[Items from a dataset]
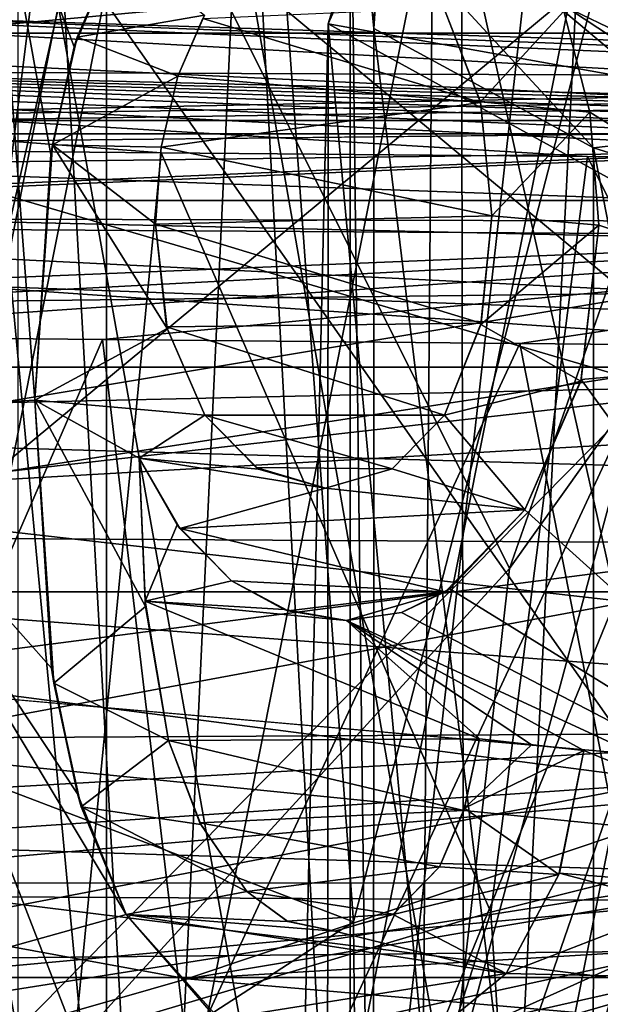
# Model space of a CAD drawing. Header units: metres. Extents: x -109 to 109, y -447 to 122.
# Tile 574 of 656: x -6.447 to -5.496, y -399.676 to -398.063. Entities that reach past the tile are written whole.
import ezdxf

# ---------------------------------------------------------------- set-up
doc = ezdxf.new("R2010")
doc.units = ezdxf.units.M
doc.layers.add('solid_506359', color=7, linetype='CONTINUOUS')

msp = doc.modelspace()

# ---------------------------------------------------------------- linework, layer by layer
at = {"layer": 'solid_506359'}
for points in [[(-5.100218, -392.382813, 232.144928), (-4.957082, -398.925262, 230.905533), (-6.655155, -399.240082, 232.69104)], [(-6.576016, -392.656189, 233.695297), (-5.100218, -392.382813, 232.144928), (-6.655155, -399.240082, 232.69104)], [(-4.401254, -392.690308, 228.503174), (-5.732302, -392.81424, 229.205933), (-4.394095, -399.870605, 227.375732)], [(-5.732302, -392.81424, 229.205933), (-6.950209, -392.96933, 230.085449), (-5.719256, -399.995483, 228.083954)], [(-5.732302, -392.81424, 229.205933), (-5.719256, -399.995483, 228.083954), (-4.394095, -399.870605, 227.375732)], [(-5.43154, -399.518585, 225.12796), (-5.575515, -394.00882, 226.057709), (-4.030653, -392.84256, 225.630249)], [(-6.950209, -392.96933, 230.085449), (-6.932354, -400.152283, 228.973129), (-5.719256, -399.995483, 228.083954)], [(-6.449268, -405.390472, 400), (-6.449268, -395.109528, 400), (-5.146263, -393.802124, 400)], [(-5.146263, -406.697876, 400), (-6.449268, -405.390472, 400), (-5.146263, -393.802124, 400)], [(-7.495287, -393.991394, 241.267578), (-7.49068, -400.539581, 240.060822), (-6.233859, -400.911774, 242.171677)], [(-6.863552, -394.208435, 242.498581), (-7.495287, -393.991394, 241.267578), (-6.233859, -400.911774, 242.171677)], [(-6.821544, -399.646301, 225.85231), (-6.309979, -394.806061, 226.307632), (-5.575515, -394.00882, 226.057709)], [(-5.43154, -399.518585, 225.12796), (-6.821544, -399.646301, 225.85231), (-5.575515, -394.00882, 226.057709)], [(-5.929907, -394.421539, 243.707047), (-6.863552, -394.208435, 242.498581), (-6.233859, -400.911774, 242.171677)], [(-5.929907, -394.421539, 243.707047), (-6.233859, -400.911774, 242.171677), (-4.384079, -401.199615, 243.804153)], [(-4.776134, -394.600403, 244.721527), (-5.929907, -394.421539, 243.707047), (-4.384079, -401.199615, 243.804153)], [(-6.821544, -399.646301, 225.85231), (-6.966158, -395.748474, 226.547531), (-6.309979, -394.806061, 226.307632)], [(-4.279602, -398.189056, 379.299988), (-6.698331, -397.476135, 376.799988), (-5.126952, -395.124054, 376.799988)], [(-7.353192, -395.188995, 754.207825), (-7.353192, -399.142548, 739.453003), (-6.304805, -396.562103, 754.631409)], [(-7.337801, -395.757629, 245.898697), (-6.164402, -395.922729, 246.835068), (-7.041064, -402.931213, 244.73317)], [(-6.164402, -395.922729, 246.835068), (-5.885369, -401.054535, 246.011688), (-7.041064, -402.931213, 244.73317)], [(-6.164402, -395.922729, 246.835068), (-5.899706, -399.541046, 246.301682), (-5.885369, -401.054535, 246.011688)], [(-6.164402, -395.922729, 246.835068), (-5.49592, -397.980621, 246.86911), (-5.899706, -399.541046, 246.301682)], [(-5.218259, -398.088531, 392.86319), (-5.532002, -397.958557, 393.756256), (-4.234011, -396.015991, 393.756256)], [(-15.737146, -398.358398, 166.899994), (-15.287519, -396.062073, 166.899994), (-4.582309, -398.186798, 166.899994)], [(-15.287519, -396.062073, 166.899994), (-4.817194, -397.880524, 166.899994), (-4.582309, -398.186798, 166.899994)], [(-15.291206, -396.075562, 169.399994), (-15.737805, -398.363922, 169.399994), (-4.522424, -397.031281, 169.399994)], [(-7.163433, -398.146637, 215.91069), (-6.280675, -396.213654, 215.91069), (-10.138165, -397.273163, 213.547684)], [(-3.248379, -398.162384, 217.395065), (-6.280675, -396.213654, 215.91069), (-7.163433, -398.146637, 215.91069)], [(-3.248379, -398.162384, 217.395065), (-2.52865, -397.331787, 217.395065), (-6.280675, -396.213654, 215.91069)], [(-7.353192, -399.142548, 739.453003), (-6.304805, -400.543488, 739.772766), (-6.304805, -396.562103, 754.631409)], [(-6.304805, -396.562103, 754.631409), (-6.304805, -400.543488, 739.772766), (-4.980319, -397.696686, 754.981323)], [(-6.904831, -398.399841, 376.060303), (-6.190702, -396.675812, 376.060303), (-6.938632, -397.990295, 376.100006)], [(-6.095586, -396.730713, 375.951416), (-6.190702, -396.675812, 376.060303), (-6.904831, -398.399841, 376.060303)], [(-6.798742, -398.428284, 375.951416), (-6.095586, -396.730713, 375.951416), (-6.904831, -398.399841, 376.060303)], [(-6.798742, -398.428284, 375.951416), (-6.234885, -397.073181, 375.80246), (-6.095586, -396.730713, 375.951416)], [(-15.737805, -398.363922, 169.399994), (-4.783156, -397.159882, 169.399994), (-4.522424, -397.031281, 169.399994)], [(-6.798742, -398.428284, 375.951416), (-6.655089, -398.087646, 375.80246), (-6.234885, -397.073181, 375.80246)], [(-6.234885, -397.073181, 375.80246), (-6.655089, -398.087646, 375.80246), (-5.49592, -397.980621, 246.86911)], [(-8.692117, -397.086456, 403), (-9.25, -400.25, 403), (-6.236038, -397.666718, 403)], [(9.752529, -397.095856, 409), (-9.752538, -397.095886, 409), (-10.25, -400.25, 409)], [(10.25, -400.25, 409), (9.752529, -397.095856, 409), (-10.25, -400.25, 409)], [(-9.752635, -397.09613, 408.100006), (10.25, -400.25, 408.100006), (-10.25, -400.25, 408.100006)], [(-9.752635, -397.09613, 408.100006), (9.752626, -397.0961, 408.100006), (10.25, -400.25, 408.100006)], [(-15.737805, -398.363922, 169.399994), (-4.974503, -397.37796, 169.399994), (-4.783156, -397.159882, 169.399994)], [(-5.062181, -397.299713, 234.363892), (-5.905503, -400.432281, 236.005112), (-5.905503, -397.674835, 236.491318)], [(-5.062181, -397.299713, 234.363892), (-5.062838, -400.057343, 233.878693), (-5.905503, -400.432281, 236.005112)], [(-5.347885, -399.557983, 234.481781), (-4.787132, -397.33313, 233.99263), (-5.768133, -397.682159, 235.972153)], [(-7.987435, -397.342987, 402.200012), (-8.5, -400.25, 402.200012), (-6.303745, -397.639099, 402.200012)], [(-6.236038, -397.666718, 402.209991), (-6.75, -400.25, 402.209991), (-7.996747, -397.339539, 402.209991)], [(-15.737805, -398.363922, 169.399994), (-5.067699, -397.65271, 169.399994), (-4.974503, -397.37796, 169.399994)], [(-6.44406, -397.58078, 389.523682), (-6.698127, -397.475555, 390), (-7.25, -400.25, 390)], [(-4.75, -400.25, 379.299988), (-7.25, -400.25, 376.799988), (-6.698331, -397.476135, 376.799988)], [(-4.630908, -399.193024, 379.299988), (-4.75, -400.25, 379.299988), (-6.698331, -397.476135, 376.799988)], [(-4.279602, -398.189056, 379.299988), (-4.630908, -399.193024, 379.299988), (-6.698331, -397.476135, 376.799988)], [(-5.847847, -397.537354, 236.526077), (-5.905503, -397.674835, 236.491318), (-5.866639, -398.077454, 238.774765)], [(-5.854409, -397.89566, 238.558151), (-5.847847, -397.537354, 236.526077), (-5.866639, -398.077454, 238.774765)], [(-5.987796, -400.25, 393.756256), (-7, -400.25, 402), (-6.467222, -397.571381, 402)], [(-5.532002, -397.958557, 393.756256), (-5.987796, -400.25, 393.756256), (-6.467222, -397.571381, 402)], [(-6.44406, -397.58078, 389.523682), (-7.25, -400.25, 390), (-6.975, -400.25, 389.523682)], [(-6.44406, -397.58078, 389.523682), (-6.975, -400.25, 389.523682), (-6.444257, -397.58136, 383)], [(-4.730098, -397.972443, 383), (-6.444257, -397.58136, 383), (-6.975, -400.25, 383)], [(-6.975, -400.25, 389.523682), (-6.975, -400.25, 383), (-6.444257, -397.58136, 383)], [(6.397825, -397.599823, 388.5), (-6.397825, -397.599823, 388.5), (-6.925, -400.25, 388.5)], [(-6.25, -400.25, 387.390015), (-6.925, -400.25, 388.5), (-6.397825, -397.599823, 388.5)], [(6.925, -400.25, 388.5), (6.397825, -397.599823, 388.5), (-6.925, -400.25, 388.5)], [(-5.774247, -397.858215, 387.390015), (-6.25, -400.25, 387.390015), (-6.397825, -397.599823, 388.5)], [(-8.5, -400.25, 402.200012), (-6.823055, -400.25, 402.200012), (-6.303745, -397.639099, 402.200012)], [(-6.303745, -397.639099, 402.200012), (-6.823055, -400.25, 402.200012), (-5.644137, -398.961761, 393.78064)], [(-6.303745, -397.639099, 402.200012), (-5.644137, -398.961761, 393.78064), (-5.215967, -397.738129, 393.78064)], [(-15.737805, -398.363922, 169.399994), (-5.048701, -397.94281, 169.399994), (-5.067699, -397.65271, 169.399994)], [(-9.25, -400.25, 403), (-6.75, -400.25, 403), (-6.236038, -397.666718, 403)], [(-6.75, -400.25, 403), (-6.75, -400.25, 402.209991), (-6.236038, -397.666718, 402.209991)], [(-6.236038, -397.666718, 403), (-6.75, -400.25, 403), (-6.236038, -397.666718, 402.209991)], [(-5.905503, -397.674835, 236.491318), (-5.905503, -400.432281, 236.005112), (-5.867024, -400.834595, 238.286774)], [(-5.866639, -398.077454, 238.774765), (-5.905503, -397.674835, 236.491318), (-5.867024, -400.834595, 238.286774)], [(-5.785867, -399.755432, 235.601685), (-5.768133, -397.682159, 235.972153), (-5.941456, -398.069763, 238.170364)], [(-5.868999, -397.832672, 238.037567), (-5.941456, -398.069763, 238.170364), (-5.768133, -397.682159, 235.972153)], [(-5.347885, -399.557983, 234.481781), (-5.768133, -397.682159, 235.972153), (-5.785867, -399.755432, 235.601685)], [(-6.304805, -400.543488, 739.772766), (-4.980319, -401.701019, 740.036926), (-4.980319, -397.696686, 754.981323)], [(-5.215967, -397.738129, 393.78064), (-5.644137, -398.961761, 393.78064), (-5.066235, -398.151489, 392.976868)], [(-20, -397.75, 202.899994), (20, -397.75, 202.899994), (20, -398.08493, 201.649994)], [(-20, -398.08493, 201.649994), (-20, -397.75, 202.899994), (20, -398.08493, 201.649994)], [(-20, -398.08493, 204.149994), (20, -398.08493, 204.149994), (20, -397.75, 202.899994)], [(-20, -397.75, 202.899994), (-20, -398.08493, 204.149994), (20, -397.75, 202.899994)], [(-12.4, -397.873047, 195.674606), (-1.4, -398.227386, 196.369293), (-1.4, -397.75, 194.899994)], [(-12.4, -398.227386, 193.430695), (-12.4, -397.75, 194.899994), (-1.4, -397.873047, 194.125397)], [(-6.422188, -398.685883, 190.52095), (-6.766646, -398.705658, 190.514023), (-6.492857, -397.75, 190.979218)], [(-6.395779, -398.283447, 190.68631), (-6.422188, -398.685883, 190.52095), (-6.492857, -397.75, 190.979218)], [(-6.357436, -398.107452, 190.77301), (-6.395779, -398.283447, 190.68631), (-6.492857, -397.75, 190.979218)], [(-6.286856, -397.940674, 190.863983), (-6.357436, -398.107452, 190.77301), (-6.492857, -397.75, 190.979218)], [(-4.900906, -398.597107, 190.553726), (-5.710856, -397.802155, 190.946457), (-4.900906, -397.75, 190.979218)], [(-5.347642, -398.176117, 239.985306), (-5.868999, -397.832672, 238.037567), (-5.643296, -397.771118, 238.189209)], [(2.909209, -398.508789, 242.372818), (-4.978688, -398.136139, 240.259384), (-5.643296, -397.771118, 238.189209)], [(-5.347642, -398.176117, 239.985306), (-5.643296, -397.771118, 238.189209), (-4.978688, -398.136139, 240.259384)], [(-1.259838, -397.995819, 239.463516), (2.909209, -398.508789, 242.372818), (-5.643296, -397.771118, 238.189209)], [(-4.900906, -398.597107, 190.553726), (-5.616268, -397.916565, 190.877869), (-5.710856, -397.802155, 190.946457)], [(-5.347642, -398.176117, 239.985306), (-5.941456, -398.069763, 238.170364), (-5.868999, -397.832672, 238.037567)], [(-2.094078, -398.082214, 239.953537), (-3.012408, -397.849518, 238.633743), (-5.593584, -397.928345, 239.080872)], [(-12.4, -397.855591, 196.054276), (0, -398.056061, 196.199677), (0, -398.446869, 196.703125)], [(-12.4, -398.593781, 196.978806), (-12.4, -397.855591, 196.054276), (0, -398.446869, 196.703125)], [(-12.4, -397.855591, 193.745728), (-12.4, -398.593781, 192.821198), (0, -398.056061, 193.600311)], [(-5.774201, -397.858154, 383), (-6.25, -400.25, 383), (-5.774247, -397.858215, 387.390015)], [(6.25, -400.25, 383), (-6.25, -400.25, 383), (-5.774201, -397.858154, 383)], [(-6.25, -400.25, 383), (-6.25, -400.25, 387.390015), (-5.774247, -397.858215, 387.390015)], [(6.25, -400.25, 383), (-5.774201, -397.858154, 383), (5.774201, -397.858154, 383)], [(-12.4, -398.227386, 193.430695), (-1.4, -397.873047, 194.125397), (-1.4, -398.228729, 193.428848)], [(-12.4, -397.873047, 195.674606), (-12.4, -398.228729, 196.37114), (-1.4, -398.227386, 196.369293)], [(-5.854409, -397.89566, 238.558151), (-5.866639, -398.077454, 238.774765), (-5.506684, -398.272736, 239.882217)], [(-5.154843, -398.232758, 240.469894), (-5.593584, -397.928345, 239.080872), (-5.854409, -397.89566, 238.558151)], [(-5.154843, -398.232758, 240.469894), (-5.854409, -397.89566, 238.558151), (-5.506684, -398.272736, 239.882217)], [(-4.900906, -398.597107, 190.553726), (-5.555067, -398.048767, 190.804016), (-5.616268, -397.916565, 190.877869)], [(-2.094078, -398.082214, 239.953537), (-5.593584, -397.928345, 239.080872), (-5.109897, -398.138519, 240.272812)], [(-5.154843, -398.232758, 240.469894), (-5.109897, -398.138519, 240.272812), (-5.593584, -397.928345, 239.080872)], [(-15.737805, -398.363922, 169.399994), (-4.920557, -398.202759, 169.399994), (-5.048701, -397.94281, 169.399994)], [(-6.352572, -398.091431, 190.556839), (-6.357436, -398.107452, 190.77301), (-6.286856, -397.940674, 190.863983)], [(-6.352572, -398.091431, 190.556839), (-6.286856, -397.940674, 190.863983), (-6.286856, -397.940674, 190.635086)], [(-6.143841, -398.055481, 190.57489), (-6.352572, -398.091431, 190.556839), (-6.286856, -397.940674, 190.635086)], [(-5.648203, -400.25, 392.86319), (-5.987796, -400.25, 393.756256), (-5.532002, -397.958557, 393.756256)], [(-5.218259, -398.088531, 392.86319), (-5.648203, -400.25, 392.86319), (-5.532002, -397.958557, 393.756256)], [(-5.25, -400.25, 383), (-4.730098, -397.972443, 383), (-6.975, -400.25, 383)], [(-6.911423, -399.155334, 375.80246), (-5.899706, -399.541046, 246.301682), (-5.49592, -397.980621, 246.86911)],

--- The problem ---
Please go over the data above and tally every line holding "ezdxf"; reply only with the count.

--- Written solution ---
3